The problem when discussing the Bayesian nature of the brain is that people’s perceptions of prediction is based only on top-level cognitive objects. What is the chance a rabbit will jump left, right, or straight? While this is an activity of prediction, it misses the importance that that prediction plays in regulating and filtering sensory data within the thalamus. The rabbit is just a consolidated object that is composed of tens/hundreds of thousands of smaller predictions ranging from the chance that the rabbit will alter color to the chance that there will change in a visual cone. The brain’s prediction is granular and has application on all levels.
As motion is bound up through components like the Occipital and Parietal Lobe, it gains greater and greater hierarchical abstraction (objectification, states-within-states). For example, sensory patterns become fingers becomes hands becomes arms and so on. Top-down knowledge is then passed back down the pulvinar and used to group smaller objects for measurement; thereby, refining prediction capability. So, the sensory motion of a finger is predictable if the hand is performing a certain activity that may have been predicted by a particular arm movement.
By doing hierarchical predication in a synchronized state, the brain increases data transfer efficiency by 100,000% or more as top-down information flows down to the geniculate/V1 level. This has significant implications for humans because the efficiency boost allows us to shift activity and subsequent energy use to higher brain functions. So, the less we have to do in the bottom results in the more we can do on top.

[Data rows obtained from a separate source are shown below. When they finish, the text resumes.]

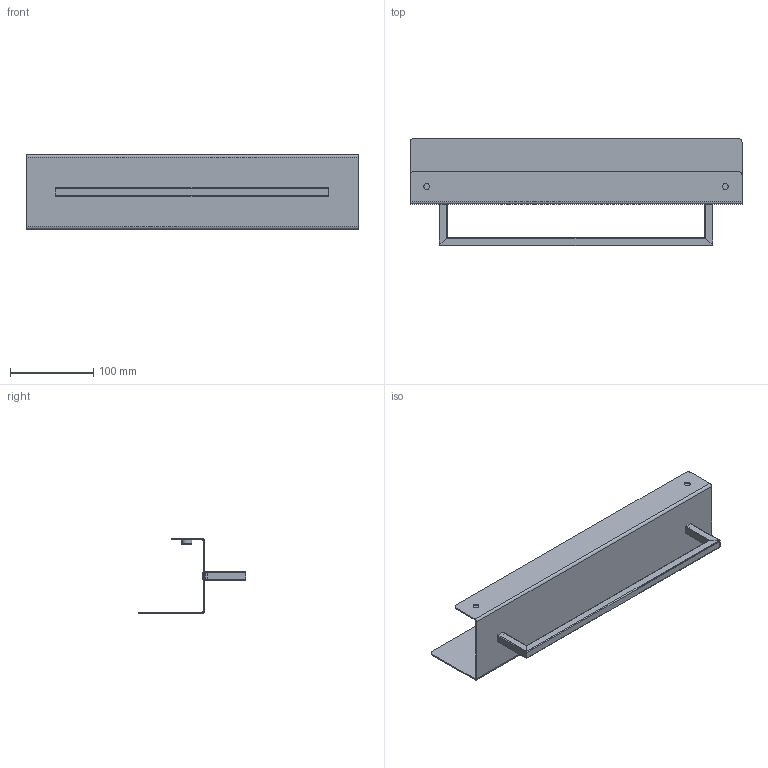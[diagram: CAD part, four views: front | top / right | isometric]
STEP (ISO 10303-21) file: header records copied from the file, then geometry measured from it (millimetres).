
FILE_DESCRIPTION (( 'STEP AP214' ), '1' );
FILE_NAME ('01-002-0400-W-00-00.STEP', '2024-06-03T11:25:40', ( '' ), ( '' ), 'SwSTEP 2.0', 'SolidWorks 2021', '' );
FILE_SCHEMA (( 'AUTOMOTIVE_DESIGN' ));
Length unit declared in the file: millimetre
Products named in the file (8): Nakrêtka klatkowa M5; 01-002-0400-W-00-00; 01-002-0400-W-00-01; 01-002-0400-W-01-00; 01-002-0400-W-01-03; countersunk flat head cross recess screw_din_DIN EN ISO 7046-1 - M5 x 6 - Z - 6N; zaœlepka œruby 13mm; 01-002-0400-W-01-02
Assembly tree (11 placements, depth 3):
  01-002-0400-W-00-00
    01-002-0400-W-00-01
    01-002-0400-W-01-00
      01-002-0400-W-01-02  x2
      01-002-0400-W-01-03
      Nakrêtka klatkowa M5  x2
    countersunk flat head cross recess screw_din_DIN EN ISO 7046-1 - M5 x 6 - Z - 6N  x2
    zaœlepka œruby 13mm  x2
Bounding box: 400 x 130 x 90 mm (x, y, z)
Volume: 139160.5 mm3; surface area: 196686.2 mm2
Topology: 10 solids, 10 shells, 212 faces, 502 edges, 306 vertices
Faces by surface type: plane 110, cylinder 70, cone 16, bspline 8, torus 8
Entity records: 4889 total; most frequent: CARTESIAN_POINT 1641, DIRECTION 615, ORIENTED_EDGE 614, EDGE_CURVE 307, AXIS2_PLACEMENT_3D 217, VERTEX_POINT 189, VECTOR 181, LINE 181

A wonderful subject for another time.
Thalamic motion is also the principle reason that neural communication has been so difficult to decipher. As an outside observer who does not share synchronous state, there is no foundation to understand the significance of the motion encoding. For example, one neuron may contain instructions for an entire image, a second may only carry instructions to update a few cones/rods, and a third carries nothing. From an outsider’s perspective, it appears chaotic.
I have also gotten lost in the visual sensory data format as you have in your effort. Dealing with visual sensory data is no easy task and is one of the most challenging formats within the brain to duplicate. The good news is that visual data drives the process, but does not define the process. So, you can substitute simpler data forms to accelerate your construction of V1 and diversify its application. You will find that the brain’s motion algorithm works just as efficiently on computer data frames as it does on cones and rods.
I have covered a lot of ground and have glazed over some very important topics. I am willing to explore some details either publically or in private messages towards subject matter pertinent to your V1 programming goals. With all the interrelationships of V1, it is not an easy task. So, I truly appreciate your efforts and will help where I can.
As the brain binds motion up the hierarchy, the top state is maintained in the prefrontal cortex and can be best described as our state of conscious reality. Among other connections, the prefrontal cortex shares state with the mediodoral nuclei (thalamus) and the hypothalamus. The synchronized brain will bind two forms of motion through these connections, sensory perception via the mediodorsal nuclei and thought via the hypothalamus. So, our conscious reality has two principle binding points within a synchronized process that performs linear measurements of space. I guess it wasn’t that “hard” a problem after all.